Serious questions remain about how the power industry will adapt to new regulations. And whether the electrical grid can withstand the potential closures of fossil fuel plants while simultaneously meeting increasing energy demands.

Yeah… South African-level load shedding, anyone?

4Not Just for Celebrities Anymore

“Klarna's digital companion promises to revolutionize shopping, bringing the personal shopper experience to the masses,” says Paradigm’s AI expert James Altucher.

Developed with OpenAI, this chat-based tool helps users search products, compare options and receive tailored recommendations. It can discuss style preferences and even assist in gift-finding.

David Fock, Klarna's chief product officer, says: “For decades, the tech industry assumed that the online shopping experience was tied up by a small number of massive tech players, which led to underinvestment.

“That's created an opportunity for companies like Klarna, and we are enlisting AI to challenge the incumbents,” he says.

Other e-commerce giants, including Amazon with Rufus AI, are developing similar technologies to offer expert advice and personalized recommendations 24/7.

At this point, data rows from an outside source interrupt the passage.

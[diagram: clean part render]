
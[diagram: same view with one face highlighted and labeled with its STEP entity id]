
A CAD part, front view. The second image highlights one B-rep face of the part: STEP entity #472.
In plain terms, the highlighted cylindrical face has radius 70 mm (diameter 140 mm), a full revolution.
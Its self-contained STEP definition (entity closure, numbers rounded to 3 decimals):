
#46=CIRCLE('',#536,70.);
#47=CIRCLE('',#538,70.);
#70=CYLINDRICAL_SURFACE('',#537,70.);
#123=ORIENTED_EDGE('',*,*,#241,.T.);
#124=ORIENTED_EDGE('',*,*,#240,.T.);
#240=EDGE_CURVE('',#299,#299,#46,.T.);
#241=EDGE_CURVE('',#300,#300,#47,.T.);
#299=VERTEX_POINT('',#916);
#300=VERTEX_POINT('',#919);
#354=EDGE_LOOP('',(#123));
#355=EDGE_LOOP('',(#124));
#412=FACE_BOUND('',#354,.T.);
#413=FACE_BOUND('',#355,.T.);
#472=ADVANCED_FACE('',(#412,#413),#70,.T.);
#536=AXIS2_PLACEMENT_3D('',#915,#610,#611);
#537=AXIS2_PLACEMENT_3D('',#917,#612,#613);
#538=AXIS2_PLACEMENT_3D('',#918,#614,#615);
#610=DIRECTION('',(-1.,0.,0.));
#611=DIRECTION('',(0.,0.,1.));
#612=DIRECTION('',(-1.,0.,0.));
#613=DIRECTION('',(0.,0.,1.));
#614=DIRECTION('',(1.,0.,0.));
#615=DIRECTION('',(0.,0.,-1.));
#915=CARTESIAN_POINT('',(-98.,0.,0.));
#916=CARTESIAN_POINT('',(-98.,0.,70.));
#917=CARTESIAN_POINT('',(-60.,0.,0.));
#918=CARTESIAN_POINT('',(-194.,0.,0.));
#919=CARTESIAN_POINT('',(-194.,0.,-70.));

For retailers, these AI tools can increase sales, follow up on abandoned carts and gather customer insights while enhancing customer loyalty and engagement.

“For investors exploring retail opportunities, the key will be identifying companies that not only adopt this technology but innovate with it,” James adds.

“The real winners will be those who use AI to create truly personalized, engaging shopping experiences.” Stay tuned for the best ways to capitalize on this AI-retail trend…

5A Wick-ed Bad Design Blunder

Ah, Bath & Body Works — mall mainstay and purveyor of scented soaps, lotions and candles — has stirred a commotion just in time for the holiday-shopping season.

“Every year, the retailer rolls out its collection of holiday-scented candles that amount to nearly 40% of its annual sales,” says CNN.

But their latest offering, the “Snowed In” candle, missed the mark badly on winter whimsy and landed squarely in Klan territory…

candle

Source: Bath & Body Works Inc.
Who knew a paper snowflake could cause such a kerfuffle?

Social media sleuths quickly pointed out the uncanny resemblance to certain pointy-headed hate mongers. Cue the birth of catchy monikers like “klandle” and “Klan Krismas Kandle.”

Bath & Body Works, realizing they'd stepped in a steaming pile of controversy, swiftly pulled the plug on the candle. Their apology? A masterclass in corporate hand-wringing: “We are committed to fixing any mistakes we make — even those that are unintentional like this one.”

But for collectors of questionable memorabilia, the “klandle" has found a new home on sites like eBay and Mercari, where enterprising individuals are hawking it for a mere $600.

Because nothing says “I have more money than sense” quite like overpaying for a candle with a problematic design.

One can almost smell the PR team’s flop sweats from here…

On that funky note, enjoy the weekend!

And for more gold goodness, check out Saturday’s issue…

Best regards,

Emily Clancy
Paradigm Pressroom’s 5 Bullets

P.S. As for precious metals today, they’re bounding up in spectacular fashion. Gold’s up another $25 per ounce to $2,732.90 per ounce. At the same time, silver is on a tear — up 3.85% to a shade under $33.

Meanwhile, the price of crude is down over 1%, now below $70 for a barrel of WTI.

The crypto market, however, is getting some love. Bitcoin is up about 3% to $68,830 and Ethereum is up 2% to $2,645.